▶ What is expected: After locating "then the file." in the listing below, copy that line and each one after it exactly, ending with the line that has "in a storey), IfcRelDefinesByType, IfcRelAssociatesMaterial".

[Start of section]

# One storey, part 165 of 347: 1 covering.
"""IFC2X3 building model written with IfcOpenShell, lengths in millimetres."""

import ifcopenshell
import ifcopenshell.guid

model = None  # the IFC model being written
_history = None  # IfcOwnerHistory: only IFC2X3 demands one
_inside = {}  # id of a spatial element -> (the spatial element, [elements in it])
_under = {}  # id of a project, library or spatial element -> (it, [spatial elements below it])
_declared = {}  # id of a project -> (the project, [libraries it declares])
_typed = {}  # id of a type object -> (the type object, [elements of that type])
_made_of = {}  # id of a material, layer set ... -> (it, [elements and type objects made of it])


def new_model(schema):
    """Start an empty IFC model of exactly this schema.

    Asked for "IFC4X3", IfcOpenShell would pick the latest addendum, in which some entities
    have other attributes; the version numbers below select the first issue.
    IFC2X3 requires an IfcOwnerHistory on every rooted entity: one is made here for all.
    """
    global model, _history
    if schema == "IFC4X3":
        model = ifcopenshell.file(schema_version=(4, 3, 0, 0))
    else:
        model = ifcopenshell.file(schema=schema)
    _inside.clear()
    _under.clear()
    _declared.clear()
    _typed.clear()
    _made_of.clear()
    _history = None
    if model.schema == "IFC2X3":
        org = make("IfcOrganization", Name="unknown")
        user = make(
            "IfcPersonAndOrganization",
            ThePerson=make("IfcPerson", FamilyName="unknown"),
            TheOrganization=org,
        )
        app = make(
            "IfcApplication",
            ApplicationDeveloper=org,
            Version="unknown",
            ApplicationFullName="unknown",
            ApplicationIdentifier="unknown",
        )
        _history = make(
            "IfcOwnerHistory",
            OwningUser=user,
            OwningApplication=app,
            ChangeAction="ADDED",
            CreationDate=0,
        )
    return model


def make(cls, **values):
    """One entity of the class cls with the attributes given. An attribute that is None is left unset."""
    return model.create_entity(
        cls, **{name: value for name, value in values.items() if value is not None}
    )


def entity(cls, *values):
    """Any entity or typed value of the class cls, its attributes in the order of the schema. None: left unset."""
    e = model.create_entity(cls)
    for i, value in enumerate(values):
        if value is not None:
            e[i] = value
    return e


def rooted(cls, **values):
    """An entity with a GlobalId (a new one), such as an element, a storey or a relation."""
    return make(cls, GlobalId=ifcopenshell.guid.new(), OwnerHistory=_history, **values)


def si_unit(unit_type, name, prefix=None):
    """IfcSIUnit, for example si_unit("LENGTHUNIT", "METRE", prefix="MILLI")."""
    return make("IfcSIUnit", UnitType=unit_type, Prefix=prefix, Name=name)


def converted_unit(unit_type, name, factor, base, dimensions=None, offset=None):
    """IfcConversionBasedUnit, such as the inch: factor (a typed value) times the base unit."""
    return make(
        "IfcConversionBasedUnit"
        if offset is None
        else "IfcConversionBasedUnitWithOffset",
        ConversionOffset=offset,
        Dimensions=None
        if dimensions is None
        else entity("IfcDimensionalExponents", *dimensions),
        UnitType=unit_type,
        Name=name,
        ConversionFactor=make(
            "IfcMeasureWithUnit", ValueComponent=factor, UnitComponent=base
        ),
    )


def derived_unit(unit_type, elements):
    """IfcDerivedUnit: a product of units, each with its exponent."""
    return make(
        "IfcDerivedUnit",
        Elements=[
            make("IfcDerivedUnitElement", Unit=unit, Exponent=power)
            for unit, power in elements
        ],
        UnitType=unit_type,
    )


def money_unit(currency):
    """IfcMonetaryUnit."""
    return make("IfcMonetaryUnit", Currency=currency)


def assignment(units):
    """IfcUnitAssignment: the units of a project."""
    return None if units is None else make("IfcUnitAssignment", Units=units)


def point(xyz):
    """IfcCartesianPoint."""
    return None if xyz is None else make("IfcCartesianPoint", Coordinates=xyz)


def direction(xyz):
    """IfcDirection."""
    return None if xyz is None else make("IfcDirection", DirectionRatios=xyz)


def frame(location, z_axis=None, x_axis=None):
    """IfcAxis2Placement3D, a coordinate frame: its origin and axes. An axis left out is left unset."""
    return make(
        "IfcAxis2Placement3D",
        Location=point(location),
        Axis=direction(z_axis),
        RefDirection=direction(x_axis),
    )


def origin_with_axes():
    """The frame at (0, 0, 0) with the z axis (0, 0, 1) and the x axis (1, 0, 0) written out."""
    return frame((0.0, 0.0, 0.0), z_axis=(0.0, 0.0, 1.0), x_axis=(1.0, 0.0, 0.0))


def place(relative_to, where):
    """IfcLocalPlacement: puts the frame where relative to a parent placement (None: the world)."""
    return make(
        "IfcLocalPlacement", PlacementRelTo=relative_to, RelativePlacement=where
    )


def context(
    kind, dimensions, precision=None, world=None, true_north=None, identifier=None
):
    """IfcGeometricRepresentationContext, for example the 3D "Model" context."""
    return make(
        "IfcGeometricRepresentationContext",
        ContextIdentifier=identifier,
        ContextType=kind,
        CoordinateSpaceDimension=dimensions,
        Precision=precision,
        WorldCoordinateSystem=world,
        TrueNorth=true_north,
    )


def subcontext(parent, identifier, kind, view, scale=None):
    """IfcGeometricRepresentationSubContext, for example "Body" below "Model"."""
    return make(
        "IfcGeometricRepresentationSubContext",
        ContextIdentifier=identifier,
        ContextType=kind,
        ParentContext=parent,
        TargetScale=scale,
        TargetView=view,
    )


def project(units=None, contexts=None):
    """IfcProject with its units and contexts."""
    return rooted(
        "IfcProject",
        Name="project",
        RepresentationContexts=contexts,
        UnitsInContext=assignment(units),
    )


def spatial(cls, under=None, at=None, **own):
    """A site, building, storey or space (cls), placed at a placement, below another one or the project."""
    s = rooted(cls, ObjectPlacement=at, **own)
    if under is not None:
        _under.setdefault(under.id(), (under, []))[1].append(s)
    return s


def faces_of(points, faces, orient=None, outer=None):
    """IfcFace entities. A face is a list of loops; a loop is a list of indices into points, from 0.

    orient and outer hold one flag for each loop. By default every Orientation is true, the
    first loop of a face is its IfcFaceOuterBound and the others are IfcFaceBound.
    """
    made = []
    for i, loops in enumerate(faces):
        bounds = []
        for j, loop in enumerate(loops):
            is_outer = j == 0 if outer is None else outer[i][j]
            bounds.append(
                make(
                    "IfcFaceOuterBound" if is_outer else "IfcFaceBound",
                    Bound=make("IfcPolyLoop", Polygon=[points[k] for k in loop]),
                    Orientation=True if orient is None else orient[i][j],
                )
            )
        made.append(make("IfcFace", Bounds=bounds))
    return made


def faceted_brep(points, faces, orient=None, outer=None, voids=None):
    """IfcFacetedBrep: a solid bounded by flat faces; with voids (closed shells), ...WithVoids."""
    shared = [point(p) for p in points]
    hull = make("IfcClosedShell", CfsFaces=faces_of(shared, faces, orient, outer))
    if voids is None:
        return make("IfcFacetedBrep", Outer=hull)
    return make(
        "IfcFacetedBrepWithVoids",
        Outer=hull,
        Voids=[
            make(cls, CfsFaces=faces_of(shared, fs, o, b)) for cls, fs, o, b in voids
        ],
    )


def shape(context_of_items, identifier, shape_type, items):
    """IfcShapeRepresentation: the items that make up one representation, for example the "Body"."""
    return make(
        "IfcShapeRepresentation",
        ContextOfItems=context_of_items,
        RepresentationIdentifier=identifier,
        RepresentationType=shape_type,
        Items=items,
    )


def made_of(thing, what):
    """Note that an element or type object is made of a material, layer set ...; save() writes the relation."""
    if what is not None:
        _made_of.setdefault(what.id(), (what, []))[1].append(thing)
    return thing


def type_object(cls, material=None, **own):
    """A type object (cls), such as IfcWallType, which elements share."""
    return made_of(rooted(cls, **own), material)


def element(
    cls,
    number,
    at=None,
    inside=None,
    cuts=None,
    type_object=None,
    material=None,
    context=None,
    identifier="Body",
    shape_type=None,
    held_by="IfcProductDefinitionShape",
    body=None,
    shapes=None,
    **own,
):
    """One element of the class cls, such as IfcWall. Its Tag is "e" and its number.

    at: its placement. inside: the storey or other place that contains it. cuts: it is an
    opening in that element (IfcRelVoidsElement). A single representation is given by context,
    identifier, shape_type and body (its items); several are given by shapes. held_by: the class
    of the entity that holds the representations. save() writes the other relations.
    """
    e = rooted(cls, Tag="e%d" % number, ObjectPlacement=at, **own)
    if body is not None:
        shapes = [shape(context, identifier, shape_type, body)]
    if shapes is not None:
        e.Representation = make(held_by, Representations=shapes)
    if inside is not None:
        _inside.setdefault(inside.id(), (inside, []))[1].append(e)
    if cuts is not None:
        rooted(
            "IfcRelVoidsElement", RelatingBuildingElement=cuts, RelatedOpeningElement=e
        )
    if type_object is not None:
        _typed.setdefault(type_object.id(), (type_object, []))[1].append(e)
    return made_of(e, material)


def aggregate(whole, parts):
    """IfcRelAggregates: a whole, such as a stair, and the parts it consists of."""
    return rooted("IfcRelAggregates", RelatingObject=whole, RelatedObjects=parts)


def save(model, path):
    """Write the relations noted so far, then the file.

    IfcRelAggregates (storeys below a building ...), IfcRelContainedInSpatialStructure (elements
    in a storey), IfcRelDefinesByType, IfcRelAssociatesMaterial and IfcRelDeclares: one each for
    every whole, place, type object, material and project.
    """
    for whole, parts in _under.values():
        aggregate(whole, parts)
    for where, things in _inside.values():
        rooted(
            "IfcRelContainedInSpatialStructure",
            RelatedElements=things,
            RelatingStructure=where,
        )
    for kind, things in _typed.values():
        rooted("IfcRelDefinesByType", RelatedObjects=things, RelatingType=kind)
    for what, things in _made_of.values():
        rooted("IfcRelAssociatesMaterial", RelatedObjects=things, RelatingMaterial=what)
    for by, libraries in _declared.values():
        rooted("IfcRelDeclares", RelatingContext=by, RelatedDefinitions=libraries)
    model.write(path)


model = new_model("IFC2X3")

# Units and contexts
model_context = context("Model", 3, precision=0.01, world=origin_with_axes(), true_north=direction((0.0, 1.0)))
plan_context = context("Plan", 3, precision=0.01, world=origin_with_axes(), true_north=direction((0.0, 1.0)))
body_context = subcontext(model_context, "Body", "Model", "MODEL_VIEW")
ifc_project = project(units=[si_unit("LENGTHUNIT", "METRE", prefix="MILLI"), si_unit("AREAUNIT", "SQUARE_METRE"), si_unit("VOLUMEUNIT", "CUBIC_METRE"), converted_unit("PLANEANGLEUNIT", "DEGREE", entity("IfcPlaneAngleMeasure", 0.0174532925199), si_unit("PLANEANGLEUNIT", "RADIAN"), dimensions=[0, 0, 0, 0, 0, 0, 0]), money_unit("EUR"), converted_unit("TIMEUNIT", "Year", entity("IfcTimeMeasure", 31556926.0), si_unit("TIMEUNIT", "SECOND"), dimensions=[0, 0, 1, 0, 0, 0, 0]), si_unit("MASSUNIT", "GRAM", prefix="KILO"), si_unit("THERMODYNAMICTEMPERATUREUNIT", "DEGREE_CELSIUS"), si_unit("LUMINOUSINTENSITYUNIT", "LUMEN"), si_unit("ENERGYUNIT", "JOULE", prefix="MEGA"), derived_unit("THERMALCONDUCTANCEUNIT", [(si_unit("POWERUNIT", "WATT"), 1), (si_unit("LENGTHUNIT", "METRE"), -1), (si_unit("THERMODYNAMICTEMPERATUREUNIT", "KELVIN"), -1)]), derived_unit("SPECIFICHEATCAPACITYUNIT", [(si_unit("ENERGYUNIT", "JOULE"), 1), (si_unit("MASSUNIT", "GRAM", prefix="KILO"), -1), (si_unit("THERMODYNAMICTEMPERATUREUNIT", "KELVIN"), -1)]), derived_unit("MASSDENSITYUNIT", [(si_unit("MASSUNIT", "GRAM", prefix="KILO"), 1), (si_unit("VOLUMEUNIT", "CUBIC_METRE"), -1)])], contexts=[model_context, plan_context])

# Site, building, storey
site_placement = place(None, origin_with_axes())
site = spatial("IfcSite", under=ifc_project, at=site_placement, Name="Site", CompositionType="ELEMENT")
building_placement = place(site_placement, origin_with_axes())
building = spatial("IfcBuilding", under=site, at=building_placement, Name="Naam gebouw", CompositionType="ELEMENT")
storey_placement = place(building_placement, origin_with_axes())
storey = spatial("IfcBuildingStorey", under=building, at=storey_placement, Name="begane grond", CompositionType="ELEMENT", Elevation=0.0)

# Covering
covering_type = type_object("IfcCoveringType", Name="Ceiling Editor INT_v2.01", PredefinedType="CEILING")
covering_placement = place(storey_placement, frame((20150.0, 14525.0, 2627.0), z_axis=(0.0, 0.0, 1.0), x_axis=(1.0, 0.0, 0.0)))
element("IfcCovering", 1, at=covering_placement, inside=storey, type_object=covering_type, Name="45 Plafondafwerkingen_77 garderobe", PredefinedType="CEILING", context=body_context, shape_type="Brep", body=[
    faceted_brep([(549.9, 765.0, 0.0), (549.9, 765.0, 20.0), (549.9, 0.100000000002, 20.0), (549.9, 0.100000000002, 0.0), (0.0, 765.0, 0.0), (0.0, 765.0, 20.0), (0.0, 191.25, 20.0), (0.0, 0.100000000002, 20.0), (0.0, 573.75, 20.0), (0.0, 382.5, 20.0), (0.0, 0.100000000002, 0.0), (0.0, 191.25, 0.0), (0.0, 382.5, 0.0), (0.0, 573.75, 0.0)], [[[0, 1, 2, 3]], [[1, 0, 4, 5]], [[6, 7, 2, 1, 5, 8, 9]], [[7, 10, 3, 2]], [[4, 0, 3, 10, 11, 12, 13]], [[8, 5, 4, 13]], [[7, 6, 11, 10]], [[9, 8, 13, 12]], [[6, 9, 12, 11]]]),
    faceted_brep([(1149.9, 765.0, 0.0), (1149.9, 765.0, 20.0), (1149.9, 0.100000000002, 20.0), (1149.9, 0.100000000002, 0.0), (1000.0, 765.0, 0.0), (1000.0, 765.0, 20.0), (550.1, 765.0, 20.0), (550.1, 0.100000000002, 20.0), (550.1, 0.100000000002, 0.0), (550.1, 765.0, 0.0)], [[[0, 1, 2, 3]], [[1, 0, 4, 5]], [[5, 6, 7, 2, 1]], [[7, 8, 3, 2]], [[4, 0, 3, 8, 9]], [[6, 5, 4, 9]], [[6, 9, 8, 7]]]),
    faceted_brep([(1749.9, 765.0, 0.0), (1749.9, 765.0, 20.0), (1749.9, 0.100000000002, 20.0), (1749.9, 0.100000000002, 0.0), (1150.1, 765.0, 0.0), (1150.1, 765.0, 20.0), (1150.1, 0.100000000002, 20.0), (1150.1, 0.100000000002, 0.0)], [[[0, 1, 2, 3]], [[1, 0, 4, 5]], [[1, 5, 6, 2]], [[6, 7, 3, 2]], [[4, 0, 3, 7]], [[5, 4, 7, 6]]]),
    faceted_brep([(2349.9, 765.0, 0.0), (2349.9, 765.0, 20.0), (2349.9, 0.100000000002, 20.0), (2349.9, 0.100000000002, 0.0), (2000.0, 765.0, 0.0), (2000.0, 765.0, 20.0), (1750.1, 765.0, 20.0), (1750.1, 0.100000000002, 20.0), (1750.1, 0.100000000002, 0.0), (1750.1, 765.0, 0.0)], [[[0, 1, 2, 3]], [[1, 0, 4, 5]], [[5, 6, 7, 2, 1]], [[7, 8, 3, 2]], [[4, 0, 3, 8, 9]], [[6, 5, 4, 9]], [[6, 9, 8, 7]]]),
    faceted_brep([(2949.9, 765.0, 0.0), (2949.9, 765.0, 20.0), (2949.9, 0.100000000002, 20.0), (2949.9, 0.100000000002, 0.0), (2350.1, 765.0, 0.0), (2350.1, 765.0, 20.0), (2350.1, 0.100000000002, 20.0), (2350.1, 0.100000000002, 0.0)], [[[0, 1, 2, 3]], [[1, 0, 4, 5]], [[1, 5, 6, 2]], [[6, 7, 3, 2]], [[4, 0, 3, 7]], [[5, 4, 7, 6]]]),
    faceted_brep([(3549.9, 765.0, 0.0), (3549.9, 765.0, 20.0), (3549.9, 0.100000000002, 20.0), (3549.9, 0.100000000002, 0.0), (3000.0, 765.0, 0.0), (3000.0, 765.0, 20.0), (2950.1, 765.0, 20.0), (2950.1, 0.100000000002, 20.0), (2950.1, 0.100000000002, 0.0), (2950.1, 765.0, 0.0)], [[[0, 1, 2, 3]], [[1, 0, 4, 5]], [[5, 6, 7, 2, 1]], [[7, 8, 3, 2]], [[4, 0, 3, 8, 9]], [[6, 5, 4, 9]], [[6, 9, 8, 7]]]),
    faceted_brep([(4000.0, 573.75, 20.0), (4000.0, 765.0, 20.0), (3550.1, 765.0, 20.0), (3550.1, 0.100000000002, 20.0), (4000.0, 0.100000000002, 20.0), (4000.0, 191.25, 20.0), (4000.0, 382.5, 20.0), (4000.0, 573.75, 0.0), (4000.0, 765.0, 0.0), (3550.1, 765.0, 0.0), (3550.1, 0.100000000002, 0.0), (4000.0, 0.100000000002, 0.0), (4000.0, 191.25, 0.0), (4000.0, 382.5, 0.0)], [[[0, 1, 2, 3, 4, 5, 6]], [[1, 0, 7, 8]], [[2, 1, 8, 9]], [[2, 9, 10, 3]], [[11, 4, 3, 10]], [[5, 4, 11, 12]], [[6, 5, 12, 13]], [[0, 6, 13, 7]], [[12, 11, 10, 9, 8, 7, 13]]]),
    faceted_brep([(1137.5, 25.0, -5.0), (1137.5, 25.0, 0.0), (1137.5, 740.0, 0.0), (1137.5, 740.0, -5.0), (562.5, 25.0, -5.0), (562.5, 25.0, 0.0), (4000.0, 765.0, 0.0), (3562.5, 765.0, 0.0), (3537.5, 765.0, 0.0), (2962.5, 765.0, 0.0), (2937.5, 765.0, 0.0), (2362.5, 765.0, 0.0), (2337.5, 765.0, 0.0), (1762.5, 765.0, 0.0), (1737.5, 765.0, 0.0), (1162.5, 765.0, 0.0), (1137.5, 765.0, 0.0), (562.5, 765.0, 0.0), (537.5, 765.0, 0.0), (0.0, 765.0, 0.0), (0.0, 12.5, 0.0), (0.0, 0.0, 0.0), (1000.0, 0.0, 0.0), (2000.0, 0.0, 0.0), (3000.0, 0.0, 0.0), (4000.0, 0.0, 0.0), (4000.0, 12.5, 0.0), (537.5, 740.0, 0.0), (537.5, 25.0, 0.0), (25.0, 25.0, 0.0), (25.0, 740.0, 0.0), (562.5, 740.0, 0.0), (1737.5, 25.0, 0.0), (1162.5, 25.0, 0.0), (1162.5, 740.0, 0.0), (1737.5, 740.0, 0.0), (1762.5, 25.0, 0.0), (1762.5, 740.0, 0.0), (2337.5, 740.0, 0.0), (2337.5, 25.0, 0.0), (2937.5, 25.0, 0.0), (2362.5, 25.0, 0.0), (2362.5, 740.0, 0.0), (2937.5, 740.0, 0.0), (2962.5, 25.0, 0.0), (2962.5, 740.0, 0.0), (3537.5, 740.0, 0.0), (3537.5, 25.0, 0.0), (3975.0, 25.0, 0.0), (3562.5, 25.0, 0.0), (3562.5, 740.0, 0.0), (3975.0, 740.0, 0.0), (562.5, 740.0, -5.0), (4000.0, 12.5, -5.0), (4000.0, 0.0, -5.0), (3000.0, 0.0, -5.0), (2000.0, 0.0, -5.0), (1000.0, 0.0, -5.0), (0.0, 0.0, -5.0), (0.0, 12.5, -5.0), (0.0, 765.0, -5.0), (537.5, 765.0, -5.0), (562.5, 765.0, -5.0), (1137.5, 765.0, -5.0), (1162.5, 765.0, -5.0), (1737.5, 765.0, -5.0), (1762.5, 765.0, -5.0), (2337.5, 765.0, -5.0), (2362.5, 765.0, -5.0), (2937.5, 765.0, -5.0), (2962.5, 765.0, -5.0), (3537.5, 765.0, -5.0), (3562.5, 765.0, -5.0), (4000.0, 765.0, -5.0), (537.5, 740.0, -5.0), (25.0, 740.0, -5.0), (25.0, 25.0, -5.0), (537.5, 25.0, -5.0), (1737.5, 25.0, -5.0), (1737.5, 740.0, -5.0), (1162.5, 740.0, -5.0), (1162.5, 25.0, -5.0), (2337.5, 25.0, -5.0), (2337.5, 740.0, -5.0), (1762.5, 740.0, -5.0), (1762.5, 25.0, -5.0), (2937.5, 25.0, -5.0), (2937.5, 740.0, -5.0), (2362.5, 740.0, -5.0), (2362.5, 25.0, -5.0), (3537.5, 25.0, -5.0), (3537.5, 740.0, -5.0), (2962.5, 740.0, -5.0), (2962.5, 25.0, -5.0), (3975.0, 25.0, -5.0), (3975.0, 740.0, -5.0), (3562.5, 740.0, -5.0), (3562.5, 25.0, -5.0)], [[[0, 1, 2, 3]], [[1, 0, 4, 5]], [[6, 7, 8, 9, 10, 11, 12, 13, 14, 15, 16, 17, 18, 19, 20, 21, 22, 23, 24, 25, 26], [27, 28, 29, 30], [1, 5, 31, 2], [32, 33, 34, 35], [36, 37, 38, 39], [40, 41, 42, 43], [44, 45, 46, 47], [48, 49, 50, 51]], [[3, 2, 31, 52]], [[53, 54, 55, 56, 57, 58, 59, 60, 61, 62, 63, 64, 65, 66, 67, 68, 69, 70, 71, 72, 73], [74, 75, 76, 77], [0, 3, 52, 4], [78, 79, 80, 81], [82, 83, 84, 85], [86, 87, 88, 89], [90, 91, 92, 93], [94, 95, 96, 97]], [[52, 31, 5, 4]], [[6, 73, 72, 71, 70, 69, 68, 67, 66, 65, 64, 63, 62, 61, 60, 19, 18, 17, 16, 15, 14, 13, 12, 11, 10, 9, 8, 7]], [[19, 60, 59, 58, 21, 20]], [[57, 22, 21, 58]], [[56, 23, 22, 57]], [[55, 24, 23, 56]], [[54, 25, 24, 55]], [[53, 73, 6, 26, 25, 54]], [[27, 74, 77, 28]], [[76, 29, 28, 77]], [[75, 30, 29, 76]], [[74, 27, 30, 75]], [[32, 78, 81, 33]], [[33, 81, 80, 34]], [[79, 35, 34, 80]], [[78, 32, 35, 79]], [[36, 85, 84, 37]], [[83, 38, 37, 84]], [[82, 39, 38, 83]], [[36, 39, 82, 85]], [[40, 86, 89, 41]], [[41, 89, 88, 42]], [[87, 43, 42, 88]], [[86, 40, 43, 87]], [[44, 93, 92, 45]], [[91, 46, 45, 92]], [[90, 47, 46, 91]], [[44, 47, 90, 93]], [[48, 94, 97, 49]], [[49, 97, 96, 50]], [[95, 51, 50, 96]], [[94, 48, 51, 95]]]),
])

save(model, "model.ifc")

[End of section]

▶ Solution to this task:
    """Write the relations noted so far, then the file.

    IfcRelAggregates (storeys below a building ...), IfcRelContainedInSpatialStructure (elements
    in a storey), IfcRelDefinesByType, IfcRelAssociatesMaterial and IfcRelDeclares: one each for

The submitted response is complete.